MDR ist großer Nachteil

Die vor Jahren novellierte europäische Zulassungsverordnung (MDR) sei mittlerweile ein riesiger Standortnachteil, so BVMed-Vorstandsvorsitzender Meinrad Lugan. „Viele Forschungsprojekte streben keine MDR-Zulassung mehr an.“ Stattdessen favorisieren 89 Prozent der Medtech-Firmen laut einer BVMed-Umfrage die US-amerikanische FDA-Zulassung. Ein Warnsignal sei, dass die Schweiz die FDP-Zulassung anerkennen will. „Europa verliert den Anschluss als Innovationsstandort“, warnt Lugan. Auch Toptalente ins Land zu holen, werde zunehmend schwierig. 

Der Verband fordert ein schnelles zwischen den Ressorts Gesundheit, Wirtschaft und Forschung abgestimmtes Maßnahmenpaket – außerdem eine „beauftragte Person der Regierung“ für die gesamte Gesundheitswirtschaft. Es müsse eine „Entbürokratisierungsoffensive“ auf allen politischen Ebenen geben, allen voran in Brüssel. Zu häufig fielen Änderungen im Prozess oder am Produkt in die MDR-Kategorie „Significant change“ und ziehen dann eine aufwändige, teils Jahre dauernde Rezertifizierung nach sich. Aber auch das Bewertungsverfahren des Gemeinsamen Bundesauschusses (G-BA) sei untragbar, dauere teilweise fünf oder sechs Jahre, so der Verband. 

Das Problem mit russischem Titan

Die Sanktionen gegen Russland beeinflussen das Geschäft der Branche noch nicht gravierend. Sechs bis zehn Prozent des Umsatzes machen deutsche Medtech-Unternehmen in der Regel mit dem größten Land der Welt. Derzeit bedienen viele Firmen noch Altaufträge, die in der Corona-Zeit liegen geblieben sind. Allerdings machte BVMed-Geschäftsführer Marc-Pierre Möll auf ein anderes Problem in Zusammenhang mit Russland aufmerksam. „Bisher haben Unternehmen den wichtigen Rohstoff Titan häufig aus Russland bezogen. Wenn diese Unternehmen das Titan nun in Kanada kaufen, müssen sie ihr Produkt rezertifizieren.“ Denn diesen Wechsel wertet das europäische Zulassungssystem als „Significant Change“.

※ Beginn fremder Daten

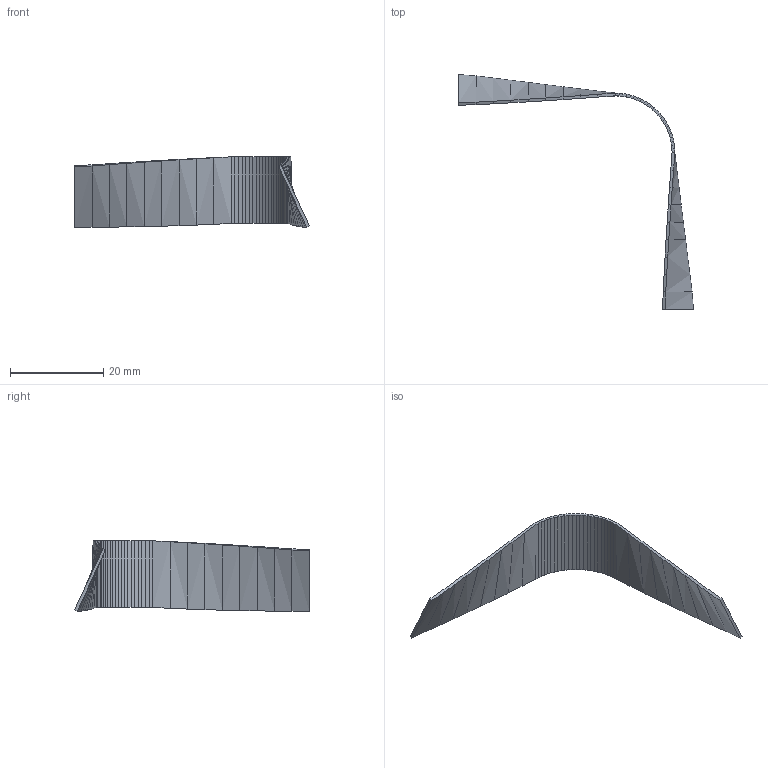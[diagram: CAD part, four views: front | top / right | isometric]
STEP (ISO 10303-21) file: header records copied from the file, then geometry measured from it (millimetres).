
FILE_DESCRIPTION(('Open CASCADE Model'),'2;1');
FILE_NAME('SOLID','2026-10-21T18:57:48',('Author'),('Open CASCADE'), 'Open CASCADE STEP processor 8.0','build123d','Unknown');
FILE_SCHEMA(('AUTOMOTIVE_DESIGN { 1 0 10303 214 1 1 1 1 }'));
Length unit declared in the file: millimetre
Products named in the file (2): SOLID
Assembly tree (1 placements, depth 2):
  SOLID
    SOLID
Bounding box: 50.38 x 50.38 x 15.09 mm (x, y, z)
Volume: 744.7 mm3; surface area: 2607.6 mm2
Topology: 1 solids, 1 shells, 170 faces, 340 edges, 172 vertices
Faces by surface type: bspline 120, plane 50
Entity records: 8276 total; most frequent: CARTESIAN_POINT 1988, DIRECTION 860, LINE 756, VECTOR 756, ORIENTED_EDGE 680, PCURVE 680, DEFINITIONAL_REPRESENTATION 680, EDGE_CURVE 340

Chat-GPT: Viel Gesprächsbedarf in der Branche

Die aktuelle Diskussion um Künstliche Intelligenz (KI) sorgt in der Medtech-Branche derweil für Gesprächsstoff, wie Vorstandsvorsitzender Meinrad Lugan unterstrich. „Ich kenne kein Unternehmen, das nicht eine Arbeitsgruppe zu dem Thema hat.“ Ganz kurzfristig könnten beispielsweise Bedienungsanleitungen, die in viele Sprachen übersetzt werden, mit KI-Tools einfacher erstellt und angepasst werden. „Auch die Analyse von Nutzerverhalten könnte kurzfristig schneller gehen“, so Lugan. Außerdem werde KI mittel- bis kurzfristig auch die Softwareentwicklung für Medizintechnik verändern, glaubt der BVMed-Vorstandschef.